2. The photovoltaic power station flexible support block assembly for easy installation and disassembly according to claim 1, characterized in that, The impact buffer mechanism includes a rotating frame (10) fixed to one side of two side pressure plates (1), and multiple connecting arms (11) are rotatably connected to the inner walls of the two rotating frames (10).
3. The photovoltaic power station flexible support block assembly for easy installation and disassembly according to claim 2, characterized in that, One end of each of the connecting arms (11) away from the rotating frame (10) is fixedly connected to an elastic connecting plate (13), and one end of each of the elastic connecting plates (13) away from the connecting arm (11) is rotatably connected to a rotating shaft (12).
4. The photovoltaic power station flexible support block assembly for easy installation and disassembly according to claim 1, characterized in that, Two push seats (17) are fixedly connected to one side of the two side pressure plates (1), and elastic telescopic rods (16) are slidably connected to the inner walls of the multiple push seats (17).

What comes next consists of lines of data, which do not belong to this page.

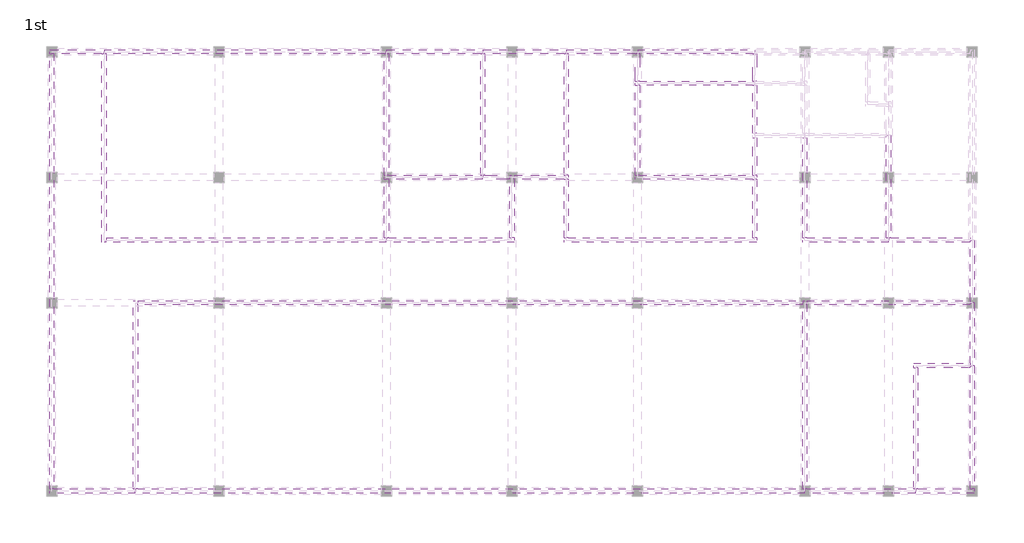
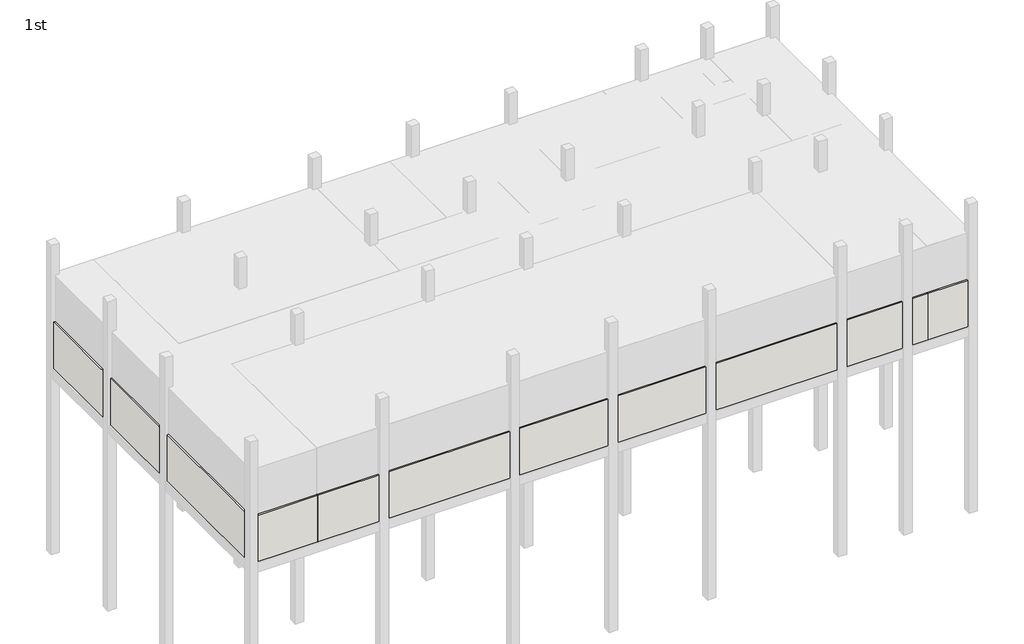
# One storey, part 1 of 3: 45 walls.
"""IFC4 building model written with IfcOpenShell, lengths in millimetres."""

from ifc_helpers import new_model, si_unit, frame, origin, place, context, project, spatial, polyline, outline, extrude, faceted_brep, element, save

model = new_model("IFC4")

# Units and contexts
model_context = context("Model", 3, world=origin())
ifc_project = project(units=[si_unit("LENGTHUNIT", "METRE", prefix="MILLI")], contexts=[model_context])

# Site, building, storey
site = spatial("IfcSite", under=ifc_project)
building = spatial("IfcBuilding", under=site)
storey = spatial("IfcBuildingStorey", under=building, Name="1st", Elevation=6000.0)

# Walls
placement = place(None, origin())
element("IfcWall", 1, ObjectType="WA111-Exterior RC Wall 200mm", at=placement, inside=storey, context=model_context, shape_type="Brep", body=[
    faceted_brep([(49459.6521483, 163823.8614395, 12000.0), (81459.6521483, 163823.8614395, 12000.0), (81459.6521483, 163823.8614395, 15000.0), (49459.6521483, 163823.8614395, 15000.0), (49459.6521483, 164023.8614395, 12000.0), (49459.6521483, 164023.8614395, 15000.0), (49559.6521483, 164023.8614395, 15000.0), (81359.6521483, 164023.8614395, 15000.0), (81459.6521483, 164023.8614395, 15000.0), (81459.6521483, 164023.8614395, 12000.0), (81359.6521483, 164023.8614395, 12000.0), (49559.6521483, 164023.8614395, 12000.0)], [[[0, 1, 2, 3]], [[4, 5, 6, 7, 8, 9, 10, 11]], [[1, 0, 4, 11, 10, 9]], [[2, 1, 9, 8]], [[3, 2, 8, 7, 6, 5]], [[0, 3, 5, 4]]]),
])
element("IfcWall", 2, ObjectType="WA111-Exterior RC Wall 200mm", at=placement, inside=storey, context=model_context, shape_type="Brep", body=[
    faceted_brep([(61459.6521483, 185023.8614395, 12000.0), (47959.6521483, 185023.8614395, 12000.0), (47959.6521483, 185023.8614395, 15000.0), (61459.6521483, 185023.8614395, 15000.0), (61459.6521483, 184823.8614395, 12000.0), (61459.6521483, 184823.8614395, 15000.0), (61359.6521483, 184823.8614395, 15000.0), (48059.6521483, 184823.8614395, 15000.0), (47959.6521483, 184823.8614395, 15000.0), (47959.6521483, 184823.8614395, 12000.0), (48059.6521483, 184823.8614395, 12000.0), (61359.6521483, 184823.8614395, 12000.0)], [[[0, 1, 2, 3]], [[4, 5, 6, 7, 8, 9, 10, 11]], [[1, 0, 4, 11, 10, 9]], [[2, 1, 9, 8]], [[3, 2, 8, 7, 6, 5]], [[0, 3, 5, 4]]]),
])
element("IfcWall", 3, ObjectType="WA111-Exterior RC Wall 200mm", at=placement, inside=storey, context=model_context, shape_type="Brep", body=[
    faceted_brep([(66059.6521483, 185023.8614395, 12000.0), (61459.6521483, 185023.8614395, 12000.0), (61459.6521483, 185023.8614395, 15000.0), (66059.6521483, 185023.8614395, 15000.0), (66059.6521483, 184823.8614395, 12000.0), (66059.6521483, 184823.8614395, 15000.0), (65959.6521483, 184823.8614395, 15000.0), (61559.6521483, 184823.8614395, 15000.0), (61459.6521483, 184823.8614395, 15000.0), (61459.6521483, 184823.8614395, 12000.0), (61559.6521483, 184823.8614395, 12000.0), (65959.6521483, 184823.8614395, 12000.0)], [[[0, 1, 2, 3]], [[4, 5, 6, 7, 8, 9, 10, 11]], [[1, 0, 4, 11, 10, 9]], [[2, 1, 9, 8]], [[3, 2, 8, 7, 6, 5]], [[0, 3, 5, 4]]]),
])
element("IfcWall", 4, ObjectType="WA111-Exterior RC Wall 200mm", at=placement, inside=storey, context=model_context, shape_type="Brep", body=[
    faceted_brep([(70059.6521483, 185023.8614395, 12000.0), (66059.6521483, 185023.8614395, 12000.0), (66059.6521483, 185023.8614395, 15000.0), (70059.6521483, 185023.8614395, 15000.0), (70059.6521483, 184823.8614395, 12000.0), (70059.6521483, 184823.8614395, 15000.0), (69959.6521483, 184823.8614395, 15000.0), (66159.6521483, 184823.8614395, 15000.0), (66059.6521483, 184823.8614395, 15000.0), (66059.6521483, 184823.8614395, 12000.0), (66159.6521483, 184823.8614395, 12000.0), (69959.6521483, 184823.8614395, 12000.0)], [[[0, 1, 2, 3]], [[4, 5, 6, 7, 8, 9, 10, 11]], [[1, 0, 4, 11, 10, 9]], [[2, 1, 9, 8]], [[3, 2, 8, 7, 6, 5]], [[0, 3, 5, 4]]]),
])
element("IfcWall", 5, ObjectType="WA111-Exterior RC Wall 200mm", at=placement, inside=storey, context=model_context, shape_type="Brep", body=[
    faceted_brep([(89559.6521483, 172923.8614395, 12000.0), (89559.6521483, 175923.8614395, 12000.0), (89559.6521483, 175923.8614395, 15000.0), (89559.6521483, 172923.8614395, 15000.0), (89359.6521483, 172923.8614395, 12000.0), (89359.6521483, 172923.8614395, 15000.0), (89359.6521483, 173023.8614395, 15000.0), (89359.6521483, 175823.8614395, 15000.0), (89359.6521483, 175923.8614395, 15000.0), (89359.6521483, 175923.8614395, 12000.0), (89359.6521483, 175823.8614395, 12000.0), (89359.6521483, 173023.8614395, 12000.0)], [[[0, 1, 2, 3]], [[4, 5, 6, 7, 8, 9, 10, 11]], [[1, 0, 4, 11, 10, 9]], [[2, 1, 9, 8]], [[3, 2, 8, 7, 6, 5]], [[0, 3, 5, 4]]]),
])
element("IfcWall", 6, ObjectType="WA111-Exterior RC Wall 200mm", at=placement, inside=storey, context=model_context, shape_type="Brep", body=[
    faceted_brep([(47959.6521483, 185023.8614395, 12000.0), (45359.6521483, 185023.8614395, 12000.0), (45359.6521483, 185023.8614395, 15000.0), (47959.6521483, 185023.8614395, 15000.0), (47959.6521483, 184823.8614395, 12000.0), (47959.6521483, 184823.8614395, 15000.0), (47859.6521483, 184823.8614395, 15000.0), (45559.6521483, 184823.8614395, 15000.0), (45359.6521483, 184823.8614395, 15000.0), (45359.6521483, 184823.8614395, 12000.0), (45559.6521483, 184823.8614395, 12000.0), (47859.6521483, 184823.8614395, 12000.0)], [[[0, 1, 2, 3]], [[4, 5, 6, 7, 8, 9, 10, 11]], [[1, 0, 4, 11, 10, 9]], [[3, 2, 8, 7, 6, 5]], [[0, 3, 5, 4]], [[2, 1, 9, 8]]]),
])
element("IfcWall", 7, ObjectType="WA111-Exterior RC Wall 200mm", at=placement, inside=storey, context=model_context, shape_type="SweptSolid", body=[
    extrude(outline(polyline([(45359.6521483, 164023.8614395), (45359.6521483, 184823.8614395), (45559.6521483, 184823.8614395), (45559.6521483, 164023.8614395), (45359.6521483, 164023.8614395)])), frame((0.0, 0.0, 12000.0), z_axis=(0.0, 0.0, 1.0), x_axis=(1.0, 0.0, 0.0)), (0.0, 0.0, 1.0), 3000.0),
])
element("IfcWall", 8, ObjectType="WA111-Exterior RC Wall 200mm", at=placement, inside=storey, context=model_context, shape_type="Brep", body=[
    faceted_brep([(45359.6521483, 163823.8614395, 12000.0), (49459.6521483, 163823.8614395, 12000.0), (49459.6521483, 163823.8614395, 15000.0), (45359.6521483, 163823.8614395, 15000.0), (45359.6521483, 164023.8614395, 12000.0), (45359.6521483, 164023.8614395, 15000.0), (45559.6521483, 164023.8614395, 15000.0), (49359.6521483, 164023.8614395, 15000.0), (49459.6521483, 164023.8614395, 15000.0), (49459.6521483, 164023.8614395, 12000.0), (49359.6521483, 164023.8614395, 12000.0), (45559.6521483, 164023.8614395, 12000.0)], [[[0, 1, 2, 3]], [[4, 5, 6, 7, 8, 9, 10, 11]], [[1, 0, 4, 11, 10, 9]], [[2, 1, 9, 8]], [[3, 2, 8, 7, 6, 5]], [[0, 3, 5, 4]]]),
])
element("IfcWall", 9, ObjectType="WA111-Exterior RC Wall 200mm", at=placement, inside=storey, context=model_context, shape_type="Brep", body=[
    faceted_brep([(79059.6521483, 185023.8614395, 12000.0), (73459.6521483, 185023.8614395, 12000.0), (73459.6521483, 185023.8614395, 15000.0), (79059.6521483, 185023.8614395, 15000.0), (79059.6521483, 184823.8614395, 12000.0), (79059.6521483, 184823.8614395, 15000.0), (78959.6521483, 184823.8614395, 15000.0), (73559.6521483, 184823.8614395, 15000.0), (73459.6521483, 184823.8614395, 15000.0), (73459.6521483, 184823.8614395, 12000.0), (73559.6521483, 184823.8614395, 12000.0), (78959.6521483, 184823.8614395, 12000.0)], [[[0, 1, 2, 3]], [[4, 5, 6, 7, 8, 9, 10, 11]], [[1, 0, 4, 11, 10, 9]], [[2, 1, 9, 8]], [[3, 2, 8, 7, 6, 5]], [[0, 3, 5, 4]]]),
])
element("IfcWall", 10, ObjectType="WA111-Exterior RC Wall 200mm", at=placement, inside=storey, context=model_context, shape_type="Brep", body=[
    faceted_brep([(73459.6521483, 185023.8614395, 12000.0), (70059.6521483, 185023.8614395, 12000.0), (70059.6521483, 185023.8614395, 15000.0), (73459.6521483, 185023.8614395, 15000.0), (73459.6521483, 184823.8614395, 12000.0), (73459.6521483, 184823.8614395, 15000.0), (73359.6521483, 184823.8614395, 15000.0), (70159.6521483, 184823.8614395, 15000.0), (70059.6521483, 184823.8614395, 15000.0), (70059.6521483, 184823.8614395, 12000.0), (70159.6521483, 184823.8614395, 12000.0), (73359.6521483, 184823.8614395, 12000.0)], [[[0, 1, 2, 3]], [[4, 5, 6, 7, 8, 9, 10, 11]], [[1, 0, 4, 11, 10, 9]], [[2, 1, 9, 8]], [[3, 2, 8, 7, 6, 5]], [[0, 3, 5, 4]]]),
])
element("IfcWall", 11, ObjectType="WA111-Exterior RC Wall 200mm", at=placement, inside=storey, context=model_context, shape_type="Brep", body=[
    faceted_brep([(81459.6521483, 163823.8614395, 12000.0), (86759.6521483, 163823.8614395, 12000.0), (86759.6521483, 163823.8614395, 15000.0), (81459.6521483, 163823.8614395, 15000.0), (81459.6521483, 164023.8614395, 12000.0), (81459.6521483, 164023.8614395, 15000.0), (81559.6521483, 164023.8614395, 15000.0), (86659.6521483, 164023.8614395, 15000.0), (86759.6521483, 164023.8614395, 15000.0), (86759.6521483, 164023.8614395, 12000.0), (86659.6521483, 164023.8614395, 12000.0), (81559.6521483, 164023.8614395, 12000.0)], [[[0, 1, 2, 3]], [[4, 5, 6, 7, 8, 9, 10, 11]], [[1, 0, 4, 11, 10, 9]], [[2, 1, 9, 8]], [[3, 2, 8, 7, 6, 5]], [[0, 3, 5, 4]]]),
])
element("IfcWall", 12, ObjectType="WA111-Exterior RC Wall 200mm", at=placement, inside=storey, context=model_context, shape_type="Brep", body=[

5. A flexible support block assembly for photovoltaic power plants that is easy to install and disassemble according to claim 4, characterized in that, The outer walls of the two elastic telescopic rods (16) are fixedly connected to fixed seats (15), and the bottom ends of the fixed seats (15) are fixedly connected to snap-fit channel steel (14).
6. A flexible support block assembly for photovoltaic power plants that is easy to install and disassemble according to claim 1, characterized in that, The top of each of the push plates (5) is fixedly connected with an anti-slip step (4), and one side of each push plate (5) is slidably connected to the inner wall of the side pressure plate (1) by a limiting rod (3). The inner walls of both side pressure plates (1) are covered with anti-slip steps (2).
7. A flexible support block assembly for photovoltaic power plants that is easy to install and disassemble according to claim 1, characterized in that, A connecting plate (9) is fixedly connected to one side of the two side pressure plates (1) at the upper end, and a baffle plate (8) is fixedly connected to one side of the two connecting plates (9).